A team of researchers at Celera Genomics, for example, has a jump on Clark’s assignment, according to Bjarni Halldorsson, who presented a paper on the company’s block-free method for selecting subsets of SNPs. The Celera researchers compared four different computational methods of defining haplotype blocks, and deemed the variability in determining block boundaries too high to provide reliable results. The team developed an alternative approach, called the “minimum informative SNP problem,” which assigns a degree of “informativeness” based on how well a SNP or set of SNPs predicts another SNP or set of SNPs. According to Halldorsson, the block-free approach required fewer SNPs to provide the same degree of informativeness as block-based approaches.
A number of papers addressed the fundamental problem of constructing haplotypes using genotype data: Chromosome pairs are not separated experimentally prior to genotyping, so it’s difficult to assign SNPs to their originating chromosomes. Eleazar Eskin of Columbia University discussed a phylogeny-based approach to this problem, while Gideon Greenspan at Technion offered a method based on statistical modeling, and Itsik Pe’er of the Weizmann Institute proposed a method of pooling SNP samples, and then reconstructing haplotypes using the total allele frequencies in the pooled set.
As further evidence that haplotype analysis is a worthy bioinformatics challenge, Michael Waterman’s lab at the University of California presented two papers on the topic. The first, delivered by Lei Li, discussed a method for reconstructing haplotypes based on a statistical analysis of sequencing errors, the alignment of SNP fragments, and the probability of different haplotypes based on the alignment.

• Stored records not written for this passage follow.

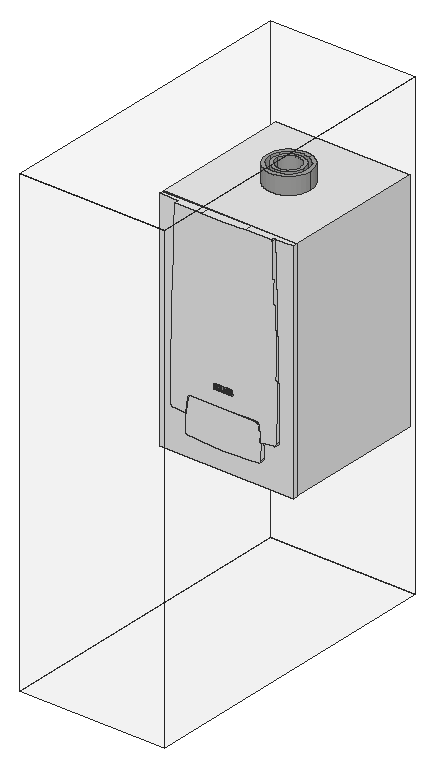
Revit family "Sirius_two_WH_70kW_LOD-5", category Mechanical Equipment, Revit 2014
Parameters (values of type "70kW")
  Weekly = "0"
  Water Treatment Required = yes
  Water Content = 6.0 L
  Warranty ID = "See manufacturers website for warranty options and T&C's"
  Voltage = 230 V
  Uniclass2015 = "Pr_60_60_08"
  URL = ""
  Type = ""
  Turndown Ratio = "9:1"
  Supply Phase = 1
  Starting Current = 0 A
  Sound Pressure Level = "62 dBA"
  Shipping Weight = 60.00 kg
  Shape = "Rectangular (Vertical)"
  Safety Valve Connection Type = "Threaded"
  Safety Valve Connection Size = 12.7 mm
  Responsible Sourcing of Materials = "0"
  Responsible Extraction of Materials = "0"
  Reference Standard = "ISO 9001; ISO 14001"
  Rated Output = 65000 W
  Rated Criteria = "80/60"
  Quarterly = "0"
  Product Range = "Sirius two WH (70kW)"
  Product Model Number = "5138530"
  Product Literature = "http://www.pottertoncommercial.co.uk/products/stainless-steel/sirius-two-wh.htm"
  Primary Fuel = "Gas - NG"
  Overall Width = 450 mm
  Overall Length = 505 mm
  Overall Height = 763 mm
  Optional Fuel = "Gas - LPG"
  Operation and Maintenance Manual = "http://www.pottertoncommercial.co.uk/products/stainless-steel/sirius-two-wh.htm"
  Oil Consumption rate = 0
  Nominal Oil Inlet Pressure = 0.0 bar
  Nominal Gas Inlet Pressure = 0.02 bar
  NOx Emissions = "34.8 mg/kWh"
  Mounting = "Wall Mounted"
  Monthly = "0"
  Model = "SIRIUS two WH70"  # constant formula
  Minimum Power Consumption = 20 W
  Minimum Operating Pressure = 1.0 bar
  Minimum Oil Inlet Pressure = 0.0 bar
  Minimum Gas Inlet Pressure = 0.018 bar
  Minimum Flow Rate at 20C temperature differential = 0.780 L/s
  Minimum Flow Rate at 11C temperature differential = 1.040 L/s
  Maximum Power Consumption = 95 W
  Maximum Operating Pressure = 4.0 bar
  Maximum Oil Inlet Pressure = 0.0 bar
  Maximum Gas Inlet Pressure = 0.0 bar
  Material Ingredient Reporting = "0"
  Manufacturer Website = "http://www.pottertoncommercial.co.uk/index.htm"
  Manufacturer = "Potterton Commercial"  # constant formula
  Maintenance Required 8001 to 12000hrs = "0"
  Maintenance Required 601 to 1000hrs = "0"
  Maintenance Required 4001 to 8000hrs = "0"
  Maintenance Required 301 to 600hrs = "0"
  Maintenance Required 2001 to 4000hrs = "0"
  Maintenance Required 1001 to 2000hrs = "0"
  Maintenance Required 0 to 300hrs = "0"
  Location of Manufacturer = "0"
  Life Cycle Analysis = "0"
  Interlocks = yes
  IfcExportType = "NOTDEFINED"  # constant formula
  IfcExportAs = "IfcBoilerType"  # constant formula
  IP Rating = "IPX5D"
  IK Rating = "0"
  Hydraulic Resistance at 20C temperature differential = 0.03 bar
  Hydraulic Resistance at 11C temperature differential = 0.045 bar
  Heater Operation = "Condensing"
  Heat Exchanger Material = "Stainless Steel"
  Gross Weight = 50.00 kg
  Green Guide for Specification = "0"
  Gas Consumption rate = "7.07 m3/h"
  Fuse Rating = 0 A
  Full Load Current = 0 A
  Fuel Connection Type = "Threaded"
  Fuel Connection Size = 483.87 mm
  Frequency = 50 Hz
  Flue or Air Intake Classification = "C13; C33; B23"
  Flue Connection size = 80 mm
  Flow and Return Connection Type = "Threaded"
  Flow and Return Connection Size = 645.16 mm
  Finish = "Powder coated"
  Features = "Wall hung boiler, stainless steel heat exchanger, 9:1 modulation, integral pump option"
  External Material = "Steel"
  Expected Life = ">10 years"
  ErP Seasonal Efficiency = "92 %"
  ErP Rated Efficiency at Part Load = "96.5 %"
  ErP Rated Efficiency at Full Load = "87.6 %"
  ErP Energy Label = "A"
  Environmental Product Declaration = "0"
  Energy Technology List = "https://etl.decc.gov.uk/engetl/fox/live/ETL_PUBLIC_PRODUCT_SEARCH/product?PROD_ID=72395"
  Embodied Carbon = "0"
  Drain Connection Type = "Plain"
  Drain Connection Size = 0 mm
  Description = ""
  Daily = "0"
  Control Type = "Optimised, modulating, weather compensating, BMS compatible"
  Configuration = "Single boiler"
  Condensate Drain Type = "Plain"
  Condensate Drain Size = 22 mm
  Colour = "White"
  Clearance Box Visibility [instance] = yes
  CE Mark = "CE-0085CM0128"
  Burner Control Type = "Modulating"
  Building Regulations Seasonal Efficiency = "96.1 %"
  Bespoke Timeframe = "0"
  BMS Links = yes
  Annually = "Annual service according to manufacturers guidance."
  Air Inlet Connection Size = 125 mm
  Additional Technical Details = "http://www.pottertoncommercial.co.uk/products/stainless-steel/sirius-two-wh.htm"
  Access Clearance Top = 300 mm
  Access Clearance Right = 20 mm
  Access Clearance Rear = 0 mm
  Access Clearance Left = 20 mm
  Access Clearance Front = 550 mm
  Access Clearance Bottom = 500 mm
  6 Monthly = "0"
Reference planes
  plane 1 "Center (Front/Back)": y = 0
  plane 2: z = 0
  plane 3 "Center (Left/Right)": x = 0
Forms (mm)
  Extrusion 1, solid, material "Potterton Sirius WH - Cover"
    sketch origin (0, 0, 0) x (1, 0, 0) y (0, 1, 0)
      loop
        line (-225, 0) -> (-225, -475) -> (-217, -475) -> (-217, 0) -> (-225, 0)
      loop
        arc (-225, -490.434) -> (0, -495) -> (225, -490.434) r 5546.295
        line (225, -490.434) -> (225, -477) -> (-225, -477) -> (-225, -490.434)
      loop
        line (225, 0) -> (217, 0) -> (217, -475) -> (225, -475) -> (225, 0)
    from 0 to 763
  Extrusion 2, solid, material "Potterton Sirius WH - Cover"
    sketch origin (0, 0, 0) x (1, 0, 0) y (0, 0, 1)
      loop
        arc (-164.004, 760.224) -> (-174.1, 456.716) -> (-178.52, 153.073) r 16242.047
        arc (-178.52, 153.073) -> (-175.933, 146.303) -> (-169.46, 143.046) r 10.021
        line (-169.46, 143.046) -> (-127.86, 139.413)
        spline (-127.86, 139.413) -> (-127.653, 139.411) -> (-127.447, 139.435) -> (-127.246, 139.485) -> (-127.054, 139.561) -> (-126.872, 139.661) -> (-126.706, 139.783) -> (-126.556, 139.926) -> (-126.426, 140.088) -> (-126.319, 140.264) -> (-126.235, 140.453) -> (-126.176, 140.652) -> (-126.143, 140.856)
        arc (-126.143, 140.856) -> (-123.286, 165.27) -> (-119.321, 189.529) r 539.918
        arc (-119.321, 189.529) -> (-115.708, 195.678) -> (-109, 198.1) r 10.5
        line (-109, 198.1) -> (-74.985, 198.1) -> (74.985, 198.1) -> (109, 198.1)
        arc (109, 198.1) -> (115.708, 195.678) -> (119.321, 189.529) r 10.5
        arc (119.321, 189.529) -> (123.286, 165.27) -> (126.143, 140.856) r 539.862
        spline (126.143, 140.856) -> (126.176, 140.652) -> (126.235, 140.453) -> (126.319, 140.264) -> (126.426, 140.088) -> (126.556, 139.927) -> (126.706, 139.783) -> (126.872, 139.661) -> (127.054, 139.561) -> (127.246, 139.485) -> (127.447, 139.435) -> (127.653, 139.411) -> (127.86, 139.413)
        line (127.86, 139.413) -> (169.46, 143.046)
        arc (169.46, 143.046) -> (175.933, 146.303) -> (178.518, 153.073) r 10.021
        arc (178.518, 153.073) -> (174.091, 456.716) -> (163.987, 760.224) r 16241.927
        arc (163.987, 760.224) -> (163.096, 762.194) -> (161.089, 763) r 2.9
        line (161.089, 763) -> (74.972, 763) -> (-74.972, 763) -> (-161.106, 763)
        arc (-161.106, 763) -> (-163.113, 762.194) -> (-164.004, 760.224) r 2.9
      loop
        line (-74.991, 196.928) -> (-108.993, 196.928)
        arc (-108.993, 196.928) -> (-114.957, 194.775) -> (-118.169, 189.308) r 9.335
        arc (-118.169, 189.308) -> (-125.241, 137.818) -> (-127.327, 85.882) r 539.67
        arc (-127.327, 85.882) -> (-124.809, 79.581) -> (-118.688, 76.655) r 9.327
        arc (-118.688, 76.655) -> (-96.872, 75.188) -> (-75.038, 74.012) r 1643.088
        arc (-75.038, 74.012) -> (0, 72.244) -> (75.038, 74.012) r 1592.844
        arc (75.038, 74.012) -> (96.872, 75.188) -> (118.688, 76.655) r 1643.12
        arc (118.688, 76.655) -> (124.809, 79.581) -> (127.327, 85.881) r 9.327
        arc (127.327, 85.881) -> (125.241, 137.813) -> (118.17, 189.302) r 539.705
        arc (118.17, 189.302) -> (114.959, 194.773) -> (109, 196.928) r 9.334
        line (109, 196.928) -> (74.991, 196.928) -> (-74.991, 196.928)
    from 477 to 505
  Extrusion 3, void
    sketch origin (0, -128, 0) x (1, 0, 0) y (0, 1, 0)
      loop
        line (-225.947, -372.4) -> (-225.947, -390.747) -> (225.947, -390.747) -> (225.947, -372.4)
        arc (225.947, -372.4) -> (0, -377) -> (-225.947, -372.4) r 5551.295
    from 0 to 763
  Extrusion 4, solid, material "Potterton Sirius FS - Logo"
    sketch origin (-369.668, -504.852, 160.982) x (1, 0, 0) y (0, 0, 1)
      loop
        arc (342.971, 100.811) -> (344.366, 99.416) -> (342.971, 98.02) r 1.395
        line (342.971, 98.02) -> (339.501, 98.02) -> (339.501, 93.964) -> (341.208, 93.964) -> (341.208, 96.293) -> (342.971, 96.293)
        arc (342.971, 96.293) -> (344.738, 96.848) -> (345.87, 98.315) r 3.088
        arc (345.87, 98.315) -> (351.536, 94.006) -> (353.627, 100.811) r 4.341
        line (353.627, 100.811) -> (355.933, 100.811) -> (355.933, 93.964) -> (357.701, 93.964) -> (357.701, 100.811) -> (361.06, 100.811) -> (361.06, 93.964) -> (362.813, 93.964) -> (362.813, 100.811) -> (366.054, 100.811) -> (366.054, 93.964) -> (372.032, 93.964) -> (372.032, 95.63) -> (367.807, 95.63) -> (367.807, 97.433) -> (371.262, 97.433)
        arc (371.262, 97.433) -> (372.08, 98.251) -> (371.262, 99.069) r 0.818
        line (371.262, 99.069) -> (367.807, 99.069) -> (367.807, 100.811) -> (375.58, 100.811)
        arc (375.58, 100.811) -> (376.451, 99.94) -> (375.58, 99.069) r 0.871
        line (375.58, 99.069) -> (373.302, 99.069)
        arc (373.302, 99.069) -> (372.52, 98.49) -> (372.845, 97.573) r 0.818
        line (372.845, 97.573) -> (381.32, 91.867)
        arc (381.32, 91.867) -> (382.144, 91.832) -> (382.566, 92.541) r 0.805
        line (382.566, 92.541) -> (382.566, 100.811) -> (385.072, 100.811)
        arc (385.072, 100.811) -> (386.619, 94.222) -> (392.72, 97.151) r 4.341
        line (392.72, 97.151) -> (392.72, 93.964) -> (394.487, 93.964) -> (394.487, 99.069) -> (398.739, 94.236)
        arc (398.739, 94.236) -> (399.755, 93.983) -> (400.351, 94.844) r 0.921
        line (400.351, 94.844) -> (400.351, 101.682)
        arc (400.351, 101.682) -> (399.452, 102.581) -> (398.554, 101.682) r 0.899
        line (398.554, 101.682) -> (398.554, 97.165) -> (394.162, 102.301)
        arc (394.162, 102.301) -> (393.255, 102.537) -> (392.72, 101.768) r 0.819
        line (392.72, 101.768) -> (392.72, 99.124)
        arc (392.72, 99.124) -> (391.302, 101.447) -> (388.78, 102.469) r 4.341
        line (388.78, 102.469) -> (379.034, 102.469)
        arc (379.034, 102.469) -> (378.205, 101.64) -> (379.034, 100.811) r 0.829
        line (379.034, 100.811) -> (380.772, 100.811) -> (380.772, 94.179) -> (375.58, 97.707)
        arc (375.58, 97.707) -> (377.961, 100.088) -> (375.58, 102.469) r 2.381
        line (375.58, 102.469) -> (353.905, 102.469)
        arc (353.905, 102.469) -> (353.223, 102.111) -> (353.129, 101.347) r 0.829
        arc (353.129, 101.347) -> (349.064, 102.325) -> (346.059, 99.418) r 4.341
        arc (346.059, 99.418) -> (345.142, 101.577) -> (342.971, 102.469) r 3.088
        line (342.971, 102.469) -> (339.417, 102.469)
        arc (339.417, 102.469) -> (338.587, 101.64) -> (339.417, 100.811) r 0.829
        line (339.417, 100.811) -> (342.971, 100.811)
      loop
        line (384.051, 92.773) -> (384.051, 91.973) -> (400.157, 91.973) -> (400.157, 92.773) -> (384.051, 92.773)
      loop
        line (339.501, 92.773) -> (339.501, 91.973) -> (378.488, 91.973) -> (378.488, 92.773) -> (339.501, 92.773)
      loop
        arc (340.058, 88.937) -> (338.522, 87.401) -> (340.058, 85.864) r 1.537
        line (340.058, 85.864) -> (399.258, 85.864)
        arc (399.258, 85.864) -> (400.795, 87.401) -> (399.258, 88.937) r 1.537
        line (399.258, 88.937) -> (340.058, 88.937)
      loop
        circle (350.207, 98.138) r 2.591
      loop
        circle (342.971, 99.416) r 0.875
      loop
        circle (388.493, 98.138) r 2.591
    from 0 to 1
  Sweep 5, solid
    path origin (0, 0, 0) x (1, 0, 0) y (0, 0, 1)
      loop
        line (0, 763) -> (0, 819)
    profile origin (0, 0, 791) x (-1, 0, 0) y (0, -1, 0)
      loop
        circle (0, 229) r 73.5
      loop
        circle (0, 229) r 62.5
      loop
        circle (0, 229) r 40
      loop
        circle (0, 229) r 50
  Extrusion 6, solid, material "Potterton Sirius WH - Cover"
    sketch origin (0, 0, 0) x (1, 0, 0) y (0, 1, 0)
      loop
        line (-217, 0) -> (-217, -475) -> (217, -475) -> (217, 0) -> (-217, 0)
    from 55 to 763
  Sweep 7, solid
    path origin (0, 0, 0) x (1, 0, 0) y (0, 0, 1)
      loop
        line (0, 55) -> (0, 7)
    profile origin (0, 0, 31) x (0, -1, 0) y (1, 0, 0)
      loop
        circle (95, 102) r 12.7
      loop
        circle (95, 2) r 12.7
      loop
        circle (95, -98) r 9.525
      loop
        circle (67, -177) r 11
  Extrusion 8, solid, material "Glass - Clear - Amber", visible <- "Clearance Box Visibility"
    sketch origin (0, 0, 0) x (1, 0, 0) y (0, 1, 0)
      loop
        line (-245, 0) -> (-245, -1055) -> (245, -1055) -> (245, 0) -> (-245, 0)
    from -500 to 1063
Cuts and joins
  Extrusion 3 cuts Extrusion 2
  joined: Extrusion 1, Extrusion 2, Extrusion 6
Dimensions and locks
  locked: Sweep 5 sketch curve to profile plane at 229
  locked: Sweep 7 sketch curve to cut or joined group of Extrusion 1, Extrusion 2, Extrusion 3, Extrusion 6 at 123
  locked: Sweep 7 sketch curve to plane 1 "Center (Front/Back)" at 95
  locked: Sweep 7 sketch curve to Sweep 7 sketch curve at 100  (x2)
  locked: Sweep 7 sketch curve to plane 1 "Center (Front/Back)" at 67
  locked: cut or joined group of Extrusion 1, Extrusion 2, Extrusion 3, Extrusion 6 to Sweep 7 sketch curve at 48
  aligned and locked: level to plane 2
  aligned and locked: plane 1 "Center (Front/Back)" to Extrusion 1 sketch curve
  aligned and locked: Extrusion 1 to level
  aligned and locked: Extrusion 3 to cut or joined group of Extrusion 1, Extrusion 2, Extrusion 3, Extrusion 6
  aligned and locked: Extrusion 3 to level
  aligned and locked: Sweep 5 sketch curve to cut or joined group of Extrusion 1, Extrusion 2, Extrusion 3, Extrusion 6
  aligned and locked: profile plane to Sweep 5 sketch curve
  aligned and locked: Extrusion 6 sketch curve to cut or joined group of Extrusion 1, Extrusion 2, Extrusion 3, Extrusion 6  (x4)
  aligned and locked: Sweep 7 sketch curve to cut or joined group of Extrusion 1, Extrusion 2, Extrusion 3, Extrusion 6
  aligned and locked: Sweep 7 sketch curve to plane 3 "Center (Left/Right)"
  aligned and locked: plane 1 "Center (Front/Back)" to Extrusion 8 sketch curve
  aligned and locked: Extrusion 2 sketch curve to cut or joined group of Extrusion 1, Extrusion 2, Extrusion 3, Extrusion 6
Connectors
  piping at (2, -95, 7), diameter 25.4
    settings: on Sweep 7, index 1, connector inside diameter 609.6 mm, connector length 0 mm, flow factor 0, pipe flow 0.000 L/s, pressure drop 0.0 bar, fitting loss kfactor 0, connector angle 0.00°, fixture units 0, engagement length 0 mm, angle of deflection 0.00°, flow configuration 1, flow direction 2, fitting loss method 0, system type 7, joint type 0, gender type 0, connector reference index -1, connector utility 0, adjustable connector no, is connector primary yes, connector description "Supply"
  piping at (102, -95, 7), diameter 25.4
    settings: on Sweep 7, index 2, connector inside diameter 609.6 mm, connector length 0 mm, flow factor 0, pipe flow 0.000 L/s, pressure drop 0.0 bar, fitting loss kfactor 0, connector angle 0.00°, fixture units 0, engagement length 0 mm, angle of deflection 0.00°, flow configuration 0, flow direction 1, fitting loss method 0, system type 8, joint type 0, gender type 0, connector reference index -1, connector utility 0, adjustable connector no, is connector primary no, connector description "Return"
  piping at (-98, -95, 7), diameter 19.1
    settings: on Sweep 7, index 3, connector inside diameter 609.6 mm, connector length 0 mm, flow factor 0, pipe flow 0.000 L/s, pressure drop 0.0 bar, fitting loss kfactor 0, connector angle 0.00°, fixture units 0, engagement length 0 mm, angle of deflection 0.00°, flow configuration 1, flow direction 1, fitting loss method 0, system type 22, joint type 0, gender type 0, connector reference index -1, connector utility 0, adjustable connector no, is connector primary no, connector description "Gas"
  piping at (-177, -67, 7), diameter 22
    settings: on Sweep 7, index 4, connector inside diameter 609.6 mm, connector length 0 mm, flow factor 0, pipe flow 0.000 L/s, pressure drop 0.0 bar, fitting loss kfactor 0, connector angle 0.00°, fixture units 0, engagement length 0 mm, angle of deflection 0.00°, flow configuration 1, flow direction 2, fitting loss method 0, system type 22, joint type 0, gender type 0, connector reference index -1, connector utility 0, adjustable connector no, is connector primary no, connector description "Drain"
  hvac at (0, -229, 819)
    settings: on Sweep 5, index 6, duct flow 0.0 m³/h, flow factor 0, pres drop 0.0 bar, loss coef 0, conn angle 0.00°, conn width 304.8 mm, conn height 304.8 mm, conn diameter 0 mm, duct sys type 3, conn prof type 0, flow config 1, flow direction 2, loss method 0, conn ref index -1, conn util no, is conn primary yes, conn desc "Flue"

Waterman then discussed his team’s analysis of the Perlegen human chromosome 21 dataset, which contains 36,000 SNPs from 24 individuals. Using a dynamic programming algorithm, Waterman said his lab found that a haplotype block could be defined using about 2,500 SNPs, a significantly smaller set than the 4,500 SNPs Perlegen needed to determine blocks with its own “greedy” algorithm. Waterman said that after discussions with Perlegen, his team then modified the algorithm to “maximize the covered length of the genome with the fewest number of SNPs.” The resulting algorithm was able to calculate that 3,488 “tag SNPs” would be required for 100 percent coverage of a block.
Waterman told BioInform that the haplotype data is “thrilling” to work with. “Looking at this data, you can really see that the human family is a lot smaller than we thought,” he said.
Gene Expression Down, Biology and Statistics Up
The increase in haplotype papers was accompanied by a decrease in other regular topics at RECOMB: A drop-off in gene expression analysis methods was clearly apparent, and there were also fewer talks on phylogeny and sequencing by hybridization than in previous years.
Waterman, who served on the conference program committee, said the falloff in gene expression talks isn’t a sign that microarray analysis is any less important. “There are still lots of very important problems that need to be solved in that area,” he said. Waterman, as well as other observers, remarked that this year’s batch of papers had a stronger biological focus than in the past, along with a much healthier dose of statistical methods. Richard Durbin of the Sanger Institute noted that in previous years, “there was a tendency to identify a problem and apply methods that were distinct from experimentation,” adding that RECOMB 2003 offered more methods “that enable something scientific to be done.”